DifFRelight: Diffusion-Based Facial Performance Relighting (2410.08188v1)

Published 10 Oct 2024 in cs.CV, cs.AI, and cs.GR

Abstract: We present a novel framework for free-viewpoint facial performance relighting using diffusion-based image-to-image translation. Leveraging a subject-specific dataset containing diverse facial expressions captured under various lighting conditions, including flat-lit and one-light-at-a-time (OLAT) scenarios, we train a diffusion model for precise lighting control, enabling high-fidelity relit facial images from flat-lit inputs. Our framework includes spatially-aligned conditioning of flat-lit captures and random noise, along with integrated lighting information for global control, utilizing prior knowledge from the pre-trained Stable Diffusion model. This model is then applied to dynamic facial performances captured in a consistent flat-lit environment and reconstructed for novel-view synthesis using a scalable dynamic 3D Gaussian Splatting method to maintain quality and consistency in the relit results. In addition, we introduce unified lighting control by integrating a novel area lighting representation with directional lighting, allowing for joint adjustments in light size and direction. We also enable high dynamic range imaging (HDRI) composition using multiple directional lights to produce dynamic sequences under complex lighting conditions. Our evaluations demonstrate the models efficiency in achieving precise lighting control and generalizing across various facial expressions while preserving detailed features such as skintexture andhair. The model accurately reproduces complex lighting effects like eye reflections, subsurface scattering, self-shadowing, and translucency, advancing photorealism within our framework.

Summary

The paper presents a diffusion-based framework that reconstructs dynamic facial performances from flat-lit images with high fidelity.
It employs spatially-aligned conditioning and dynamic 3D Gaussian Splatting to ensure temporal consistency and effective novel-view synthesis.
Unified lighting control combining area and directional lighting enables HDRI composition and outperforms baselines on key quantitative metrics.
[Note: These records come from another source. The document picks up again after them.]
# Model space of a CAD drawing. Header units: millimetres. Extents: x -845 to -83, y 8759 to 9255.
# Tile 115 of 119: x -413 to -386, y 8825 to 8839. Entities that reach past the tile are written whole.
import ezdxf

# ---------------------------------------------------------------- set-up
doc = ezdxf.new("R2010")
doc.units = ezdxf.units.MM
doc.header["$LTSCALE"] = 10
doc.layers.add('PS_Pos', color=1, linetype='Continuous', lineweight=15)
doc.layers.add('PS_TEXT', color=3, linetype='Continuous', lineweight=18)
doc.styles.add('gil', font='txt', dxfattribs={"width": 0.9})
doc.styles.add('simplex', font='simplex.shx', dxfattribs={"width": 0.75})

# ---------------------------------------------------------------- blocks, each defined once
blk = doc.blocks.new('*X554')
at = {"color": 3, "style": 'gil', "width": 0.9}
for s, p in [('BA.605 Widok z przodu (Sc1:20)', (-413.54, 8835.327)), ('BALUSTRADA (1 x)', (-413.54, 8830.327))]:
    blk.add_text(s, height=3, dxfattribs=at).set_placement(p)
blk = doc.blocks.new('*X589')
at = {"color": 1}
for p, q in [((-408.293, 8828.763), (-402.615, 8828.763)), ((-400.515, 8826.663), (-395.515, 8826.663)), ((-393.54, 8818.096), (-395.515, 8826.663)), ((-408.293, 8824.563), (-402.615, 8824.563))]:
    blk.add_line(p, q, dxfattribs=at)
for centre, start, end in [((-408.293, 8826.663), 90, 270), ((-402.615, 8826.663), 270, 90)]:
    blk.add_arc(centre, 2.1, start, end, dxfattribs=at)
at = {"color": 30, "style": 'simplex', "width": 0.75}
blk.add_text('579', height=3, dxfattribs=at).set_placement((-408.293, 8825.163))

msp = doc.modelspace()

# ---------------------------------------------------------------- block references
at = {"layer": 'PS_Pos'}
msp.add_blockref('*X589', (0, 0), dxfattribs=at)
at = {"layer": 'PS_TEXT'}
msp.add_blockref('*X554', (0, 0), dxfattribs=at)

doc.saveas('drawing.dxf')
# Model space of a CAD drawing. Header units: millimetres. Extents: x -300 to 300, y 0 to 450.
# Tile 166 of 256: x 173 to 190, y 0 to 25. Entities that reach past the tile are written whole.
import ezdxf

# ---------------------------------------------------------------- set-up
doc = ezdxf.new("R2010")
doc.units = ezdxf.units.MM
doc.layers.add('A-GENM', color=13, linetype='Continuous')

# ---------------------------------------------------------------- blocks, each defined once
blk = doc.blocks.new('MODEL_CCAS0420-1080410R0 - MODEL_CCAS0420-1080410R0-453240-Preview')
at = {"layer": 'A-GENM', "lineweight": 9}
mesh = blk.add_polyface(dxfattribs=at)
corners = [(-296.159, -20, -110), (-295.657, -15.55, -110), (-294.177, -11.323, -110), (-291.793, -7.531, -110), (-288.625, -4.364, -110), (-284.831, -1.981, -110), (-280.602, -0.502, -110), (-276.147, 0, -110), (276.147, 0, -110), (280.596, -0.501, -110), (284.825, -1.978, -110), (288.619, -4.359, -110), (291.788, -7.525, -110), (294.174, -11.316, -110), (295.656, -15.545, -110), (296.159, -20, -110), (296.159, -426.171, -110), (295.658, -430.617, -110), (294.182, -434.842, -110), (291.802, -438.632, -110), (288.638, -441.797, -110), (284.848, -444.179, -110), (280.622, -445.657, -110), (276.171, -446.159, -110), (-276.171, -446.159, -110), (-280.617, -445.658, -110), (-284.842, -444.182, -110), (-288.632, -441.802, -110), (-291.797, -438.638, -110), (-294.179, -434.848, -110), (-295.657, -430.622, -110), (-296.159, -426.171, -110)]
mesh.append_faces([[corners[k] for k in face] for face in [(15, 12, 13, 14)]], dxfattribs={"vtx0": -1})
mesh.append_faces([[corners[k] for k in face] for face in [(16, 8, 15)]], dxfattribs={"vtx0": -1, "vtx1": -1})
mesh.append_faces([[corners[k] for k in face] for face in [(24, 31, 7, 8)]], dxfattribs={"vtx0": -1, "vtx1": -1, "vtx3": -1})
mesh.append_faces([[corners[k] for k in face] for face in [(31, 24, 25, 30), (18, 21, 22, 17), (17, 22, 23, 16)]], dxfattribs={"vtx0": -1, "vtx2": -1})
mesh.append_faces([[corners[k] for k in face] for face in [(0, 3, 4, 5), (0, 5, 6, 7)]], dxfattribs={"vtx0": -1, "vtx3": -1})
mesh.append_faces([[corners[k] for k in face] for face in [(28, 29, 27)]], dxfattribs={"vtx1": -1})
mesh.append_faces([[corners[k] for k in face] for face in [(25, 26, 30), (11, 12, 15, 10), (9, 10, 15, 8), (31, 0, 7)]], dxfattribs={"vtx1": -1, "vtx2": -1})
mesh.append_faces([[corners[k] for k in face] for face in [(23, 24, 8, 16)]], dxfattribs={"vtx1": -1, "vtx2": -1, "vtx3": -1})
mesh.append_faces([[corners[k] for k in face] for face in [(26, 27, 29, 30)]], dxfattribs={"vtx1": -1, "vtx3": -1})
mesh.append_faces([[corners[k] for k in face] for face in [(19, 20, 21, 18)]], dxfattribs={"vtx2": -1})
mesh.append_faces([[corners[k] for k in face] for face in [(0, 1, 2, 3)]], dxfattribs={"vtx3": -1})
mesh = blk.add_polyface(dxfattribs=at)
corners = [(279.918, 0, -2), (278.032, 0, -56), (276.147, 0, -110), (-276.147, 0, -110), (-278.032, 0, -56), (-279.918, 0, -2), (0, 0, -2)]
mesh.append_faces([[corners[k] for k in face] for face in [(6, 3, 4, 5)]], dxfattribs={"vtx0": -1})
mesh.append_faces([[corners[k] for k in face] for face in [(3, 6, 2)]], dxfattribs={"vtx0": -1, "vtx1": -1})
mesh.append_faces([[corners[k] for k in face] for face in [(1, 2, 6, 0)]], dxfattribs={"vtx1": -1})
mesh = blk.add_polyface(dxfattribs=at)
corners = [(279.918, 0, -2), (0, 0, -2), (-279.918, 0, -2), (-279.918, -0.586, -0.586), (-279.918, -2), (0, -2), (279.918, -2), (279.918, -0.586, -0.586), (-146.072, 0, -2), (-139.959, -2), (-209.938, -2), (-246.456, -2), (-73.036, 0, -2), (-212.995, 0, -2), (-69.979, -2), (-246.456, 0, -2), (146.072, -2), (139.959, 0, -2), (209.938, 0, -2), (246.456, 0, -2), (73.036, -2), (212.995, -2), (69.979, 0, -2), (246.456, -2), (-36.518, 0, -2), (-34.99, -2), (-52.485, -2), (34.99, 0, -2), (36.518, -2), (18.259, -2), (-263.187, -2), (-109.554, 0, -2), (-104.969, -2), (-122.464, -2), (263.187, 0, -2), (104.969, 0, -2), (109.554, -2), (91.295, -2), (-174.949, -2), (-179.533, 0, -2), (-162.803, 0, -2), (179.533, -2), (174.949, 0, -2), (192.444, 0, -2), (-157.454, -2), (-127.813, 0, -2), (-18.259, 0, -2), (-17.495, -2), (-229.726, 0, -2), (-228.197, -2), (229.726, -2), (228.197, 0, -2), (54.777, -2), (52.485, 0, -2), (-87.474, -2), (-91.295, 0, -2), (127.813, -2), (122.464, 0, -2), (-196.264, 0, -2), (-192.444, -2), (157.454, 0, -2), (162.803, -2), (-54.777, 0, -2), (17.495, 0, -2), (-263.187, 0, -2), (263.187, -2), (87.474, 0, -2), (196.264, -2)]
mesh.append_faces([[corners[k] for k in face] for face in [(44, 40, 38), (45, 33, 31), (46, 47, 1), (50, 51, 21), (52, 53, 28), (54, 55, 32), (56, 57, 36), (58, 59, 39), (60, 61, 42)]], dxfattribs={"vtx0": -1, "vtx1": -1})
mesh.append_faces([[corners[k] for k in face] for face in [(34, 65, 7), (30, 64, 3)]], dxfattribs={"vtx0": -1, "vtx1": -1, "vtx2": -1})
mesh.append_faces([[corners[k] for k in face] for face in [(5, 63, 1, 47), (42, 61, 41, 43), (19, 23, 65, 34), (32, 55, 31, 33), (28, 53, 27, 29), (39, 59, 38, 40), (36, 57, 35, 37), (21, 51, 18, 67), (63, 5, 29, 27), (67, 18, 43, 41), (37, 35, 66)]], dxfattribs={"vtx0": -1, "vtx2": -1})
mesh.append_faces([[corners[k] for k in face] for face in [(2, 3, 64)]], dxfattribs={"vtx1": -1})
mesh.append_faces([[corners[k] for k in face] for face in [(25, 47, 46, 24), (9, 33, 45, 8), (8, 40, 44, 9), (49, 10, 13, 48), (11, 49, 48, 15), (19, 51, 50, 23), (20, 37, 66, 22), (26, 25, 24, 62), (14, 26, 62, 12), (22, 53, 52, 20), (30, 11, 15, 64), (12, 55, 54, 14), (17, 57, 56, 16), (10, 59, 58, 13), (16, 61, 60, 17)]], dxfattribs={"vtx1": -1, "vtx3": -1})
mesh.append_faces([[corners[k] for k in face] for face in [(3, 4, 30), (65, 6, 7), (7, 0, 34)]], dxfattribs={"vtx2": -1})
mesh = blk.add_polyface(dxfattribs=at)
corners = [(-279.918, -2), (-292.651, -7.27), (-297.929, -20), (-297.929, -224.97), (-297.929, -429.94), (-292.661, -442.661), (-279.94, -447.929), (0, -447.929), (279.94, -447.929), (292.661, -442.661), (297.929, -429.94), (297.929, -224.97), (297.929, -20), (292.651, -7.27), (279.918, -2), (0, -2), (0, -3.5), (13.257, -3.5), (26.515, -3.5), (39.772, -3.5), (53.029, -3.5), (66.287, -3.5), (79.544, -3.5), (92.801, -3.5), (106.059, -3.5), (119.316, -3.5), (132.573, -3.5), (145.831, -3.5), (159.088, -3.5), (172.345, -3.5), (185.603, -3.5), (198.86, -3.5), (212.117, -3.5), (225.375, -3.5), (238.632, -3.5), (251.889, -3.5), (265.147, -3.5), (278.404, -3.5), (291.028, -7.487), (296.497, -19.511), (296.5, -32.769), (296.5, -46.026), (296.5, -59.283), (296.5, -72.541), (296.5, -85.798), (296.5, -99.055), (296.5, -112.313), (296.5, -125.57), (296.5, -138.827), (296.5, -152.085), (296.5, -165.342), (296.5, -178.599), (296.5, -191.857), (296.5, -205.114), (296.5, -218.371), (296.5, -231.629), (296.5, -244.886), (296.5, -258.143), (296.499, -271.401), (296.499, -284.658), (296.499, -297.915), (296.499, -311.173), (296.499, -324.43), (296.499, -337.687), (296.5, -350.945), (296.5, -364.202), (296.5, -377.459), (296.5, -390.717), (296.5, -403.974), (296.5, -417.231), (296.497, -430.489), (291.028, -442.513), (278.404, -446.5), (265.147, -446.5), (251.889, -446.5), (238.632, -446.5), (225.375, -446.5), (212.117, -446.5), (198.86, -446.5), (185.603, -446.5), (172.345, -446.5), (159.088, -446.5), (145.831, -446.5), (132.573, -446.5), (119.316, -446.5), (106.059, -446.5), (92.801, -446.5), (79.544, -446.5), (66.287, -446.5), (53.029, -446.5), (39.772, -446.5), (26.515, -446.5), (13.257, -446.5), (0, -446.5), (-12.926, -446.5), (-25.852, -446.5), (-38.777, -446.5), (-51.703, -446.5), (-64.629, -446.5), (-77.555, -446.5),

The paper introduces DifFRelight, a novel framework for facial performance relighting using diffusion-based image-to-image translation. The method leverages a subject-specific dataset with varied facial expressions under different lighting conditions, including flat-lit and one-light-at-a-time (OLAT) scenarios. A diffusion model is trained to enable high-fidelity relit facial images from flat-lit inputs. The framework integrates spatially-aligned conditioning of flat-lit captures and random noise, along with lighting information for global control, utilizing prior knowledge from the pre-trained Stable Diffusion model. Dynamic facial performances captured in a consistent flat-lit environment are reconstructed for novel-view synthesis using a scalable dynamic 3D Gaussian Splatting (3DGS) method. The paper also introduces unified lighting control by integrating a novel area lighting representation with directional lighting, allowing for joint adjustments in light size and direction, and enables high dynamic range imaging (HDRI) composition using multiple directional lights to produce dynamic sequences under complex lighting conditions.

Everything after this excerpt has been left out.